When a line in the entries below contains the word "Range", copy that line.

## Exercise inputs
Content starts

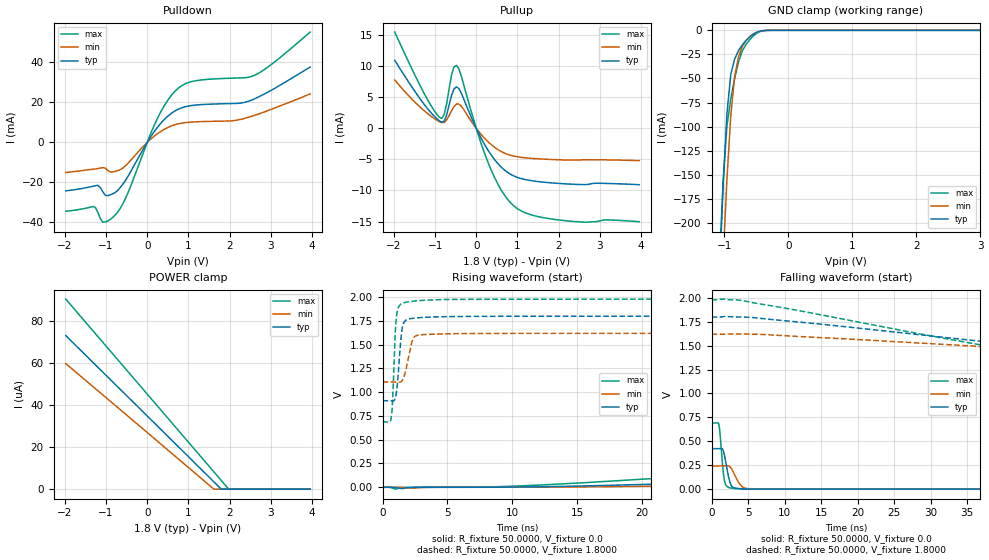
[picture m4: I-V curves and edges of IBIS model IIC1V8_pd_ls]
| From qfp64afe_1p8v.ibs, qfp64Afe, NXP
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[Model] IIC1V8_pd_ls
|   Model IIC1V8_pd_ls
| This model was characterised for following simulation conditions:
| External (pad) voltage:
|   - Typ: 1.8V,   - Min: 1.62V,   - Max: 1.98V
| Library cells for typ/min/max conditions are connected as defined below:
|  IO - External Pad
|  A - Core Input
|  EN - Output Buffer Enable
|  BOOST - vdde
|  EGP - vdd
|  EHS - gnd
|  ENZI - vdd
|  EPD - vdd
|  EPUN - vdd
|  ZI - NC
|  ZIF - NC
|  gnd - gnd
|  gnde - gnde
|  vdd - vdd
|  vdde - vdde
| All other pins connected to ground
Model_type I/O
Polarity   Non-Inverting
Enable   Active-Low
Vinl =   0.5400V
Vinh =   1.2600V
Vmeas =  0.9000V
Cref =   0.0F
Rref =   1.0000k
Vref =   0.0V
C_comp   3.6136pF   3.4665pF   3.7543pF
|C_comp_pullup   0.9376pF   0.9156pF   0.9440pF
|C_comp_pulldown   2.3254pF   2.4783pF   2.1797pF
[Model Spec]
| variable   typ   min   max
Vinh   0.5400V   0.4860V   0.5940V
Vinl   1.2600V   1.1340V   1.3860V
Vmeas   0.9000V   0.8100V   0.9900V
[Temperature Range]   25.0000   0.1250k   -40.0000
[Voltage Range]   1.8000V   1.6200V   1.9800V
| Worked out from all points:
|   slope of the pulldown table from 0 to 0.27 V, typ, clamps not added: 33.4 ohm
|   slope of the pullup table from 0 to 0.27 V, typ, clamps not added: 80.7 ohm
|   GND clamp passes 1 mA (typ) near -0.44 V on its own axis
|   rising waveform, R_fixture 50.0000, V_fixture 0.0: 20-80 % time 70.1ns typ, 81.9ns min, 57ns max; typ from 0 V to 0.423 V
|   rising waveform, R_fixture 50.0000, V_fixture 1.8000: 20-80 % time 318ps typ, 487ps min, 235ps max; typ from 0.91 V to 1.8 V
|   falling waveform, R_fixture 50.0000, V_fixture 0.0: 20-80 % time 671ps typ, 1.04ns min, 474ps max; typ from 0.423 V to 0 V
|   falling waveform, R_fixture 50.0000, V_fixture 1.8000: 20-80 % time 66.9ns typ, 88.6ns min, 48.9ns max; typ from 1.8 V to 0.91 V
[Pulldown]
|Voltage   I(typ)   I(min)   I(max)
-1.98V    -24.22mA   -15.04mA   -34.42mA
-1.32V    -21.94mA   -13.4mA    -32.06mA
-1.2V     -21.45mA   -13.05mA   -35.06mA
-1.08V    -24.63mA   -12.6mA    -39.9mA
-900mV    -26.23mA   -14.78mA   -38.53mA
-720mV    -24.07mA   -14.13mA   -34.99mA
-540mV    -19.33mA   -11.9mA    -28.53mA
300mV     8.856mA    5.096mA    14.12mA
720mV     16.26mA    9.117mA    26.48mA
1.14V     18.6mA     10.26mA    30.69mA
2.58V     21.55mA    13.34mA    33.32mA
3.96V     37.7mA     24.26mA    55.17mA
[Pullup]
|Voltage   I(typ)   I(min)   I(max)
-1.98V    10.93mA    7.779mA    15.48mA
-1.32V    4.332mA    3.147mA    6.287mA
-900mV    1.21mA     1.087mA    1.795mA
-780mV    1.15mA     923.8uA    2.217mA
-600mV    5.282mA    2.828mA    8.607mA
-480mV    6.665mA    3.904mA    10.12mA
-420mV    6.371mA    3.888mA    9.538mA
360mV     -4.265mA   -2.608mA   -6.666mA
660mV     -6.57mA    -3.917mA   -10.5mA
960mV     -7.8mA     -4.537mA   -12.74mA
2.04V     -8.889mA   -5.075mA   -14.77mA
3.96V     -9.081mA   -5.209mA   -15.04mA
[GND_clamp]
|Voltage   I(typ)   I(min)   I(max)
-1.98V    -2.104A    -2.075A    -2.136A
-1.08V    -259.3mA   -333mA     -246.9mA
-1.02V    -161.8mA   -238.7mA   -157.1mA
-960mV    -86.75mA   -154.7mA   -99.47mA
-900mV    -45.96mA   -88.82mA   -71.06mA
-840mV    -29.91mA   -48mA      -50.26mA
-780mV    -21.16mA   -27.65mA   -32.99mA
-720mV    -15.17mA   -16.88mA   -21.27mA
-660mV    -10.57mA   -10.24mA   -14.57mA
-540mV    -3.796mA   -3.405mA   -5.301mA
-300mV    -21.69uA   -40.85uA   -23.15uA
3.96V     0A         0A         0A
[POWER_clamp]
|Voltage   I(typ)   I(min)   I(max)
-1.98V    73.06uA    59.72uA    90.42uA
1.62V     3.484uA    0A         8.225uA
1.8V      0A         0A         4.113uA
1.98V     0A         0A         0A
3.96V     0A         0A         0A
[Ramp]
| variable   typ   min   max
dV/dt_r  0.2537/70.0854n   0.1455/81.9074n   0.4146/57.0196n
dV/dt_f  0.5332/66.9137n   0.3065/88.6388n   0.7749/48.9047n
R_load = 50.0000
[Rising Waveform]
R_fixture= 50.0000
V_fixture= 0.0
V_fixture_min= 0.0
V_fixture_max= 0.0
|time   V(typ)   V(min)   V(max)
0s        583.8pV    50.78nV    39.11pV
1.014ns   -3.352mV   193.4uV    -19.98mV
1.639ns   -11.12mV   -2.819mV   -1.762mV
12.78ns   6.528mV    1.462mV    27.86mV
46.58ns   148.4mV    66.48mV    309.9mV
85.13ns   286.8mV    144.3mV    563.6mV
105.2ns   344.5mV    174.6mV    633mV
135.4ns   393.2mV    208.9mV    672.9mV
252ns     422mV      241.1mV    690.6mV
1us       422.8mV    242.6mV    690.9mV
[Rising Waveform]
R_fixture= 50.0000
V_fixture= 1.8000
V_fixture_min= 1.6200
V_fixture_max= 1.9800
|time   V(typ)   V(min)   V(max)
0s        910.3mV    1.108V     687.5mV
676.2ps   909mV      1.108V     736.1mV
774.3ps   906.6mV    1.108V     908.1mV
1.008ns   951.3mV    1.107V     1.695V
1.272ns   1.31V      1.104V     1.904V
1.481ns   1.641V     1.117V     1.931V
1.772ns   1.754V     1.219V     1.944V
2.539ns   1.78V      1.59V      1.96V
5.798ns   1.796V     1.615V     1.976V
1us       1.799V     1.619V     1.979V
[Falling Waveform]
R_fixture= 50.0000
V_fixture= 0.0
V_fixture_min= 0.0
V_fixture_max= 0.0
|time   V(typ)   V(min)   V(max)
0s        422.9mV    242.6mV    691mV
1.007ns   422.8mV    242.6mV    674.8mV
1.156ns   424.2mV    242.6mV    584.4mV
1.623ns   397.6mV    242.6mV    164mV
1.945ns   278.8mV    244.2mV    43.83mV
2.356ns   118.8mV    241.4mV    17.71mV
2.769ns   31.22mV    208.6mV    9.848mV
4.018ns   4.358mV    38.89mV    3.101mV
5.084ns   1.766mV    4.84mV     1.766mV
1us       18.99nV    83.33nV    10.91nV
[Falling Waveform]
R_fixture= 50.0000
V_fixture= 1.8000
V_fixture_min= 1.6200
V_fixture_max= 1.9800
|time   V(typ)   V(min)   V(max)
0s        1.799V     1.619V     1.979V
4.118ns   1.799V     1.622V     1.972V
58.01ns   1.392V     1.406V     1.243V
67.61ns   1.331V     1.372V     1.005V
75.57ns   1.278V     1.346V     874.6mV
89.55ns   1.134V     1.304V     769.4mV
112.5ns   988mV      1.233V     712.2mV
147.5ns   929mV      1.144V     692.3mV
206.5ns   912.9mV    1.113V     688mV
1us       910.4mV    1.108V     687.5mV

Content ends

## Answer space
[Temperature Range]   25.0000   0.1250k   -40.0000
[Voltage Range]   1.8000V   1.6200V   1.9800V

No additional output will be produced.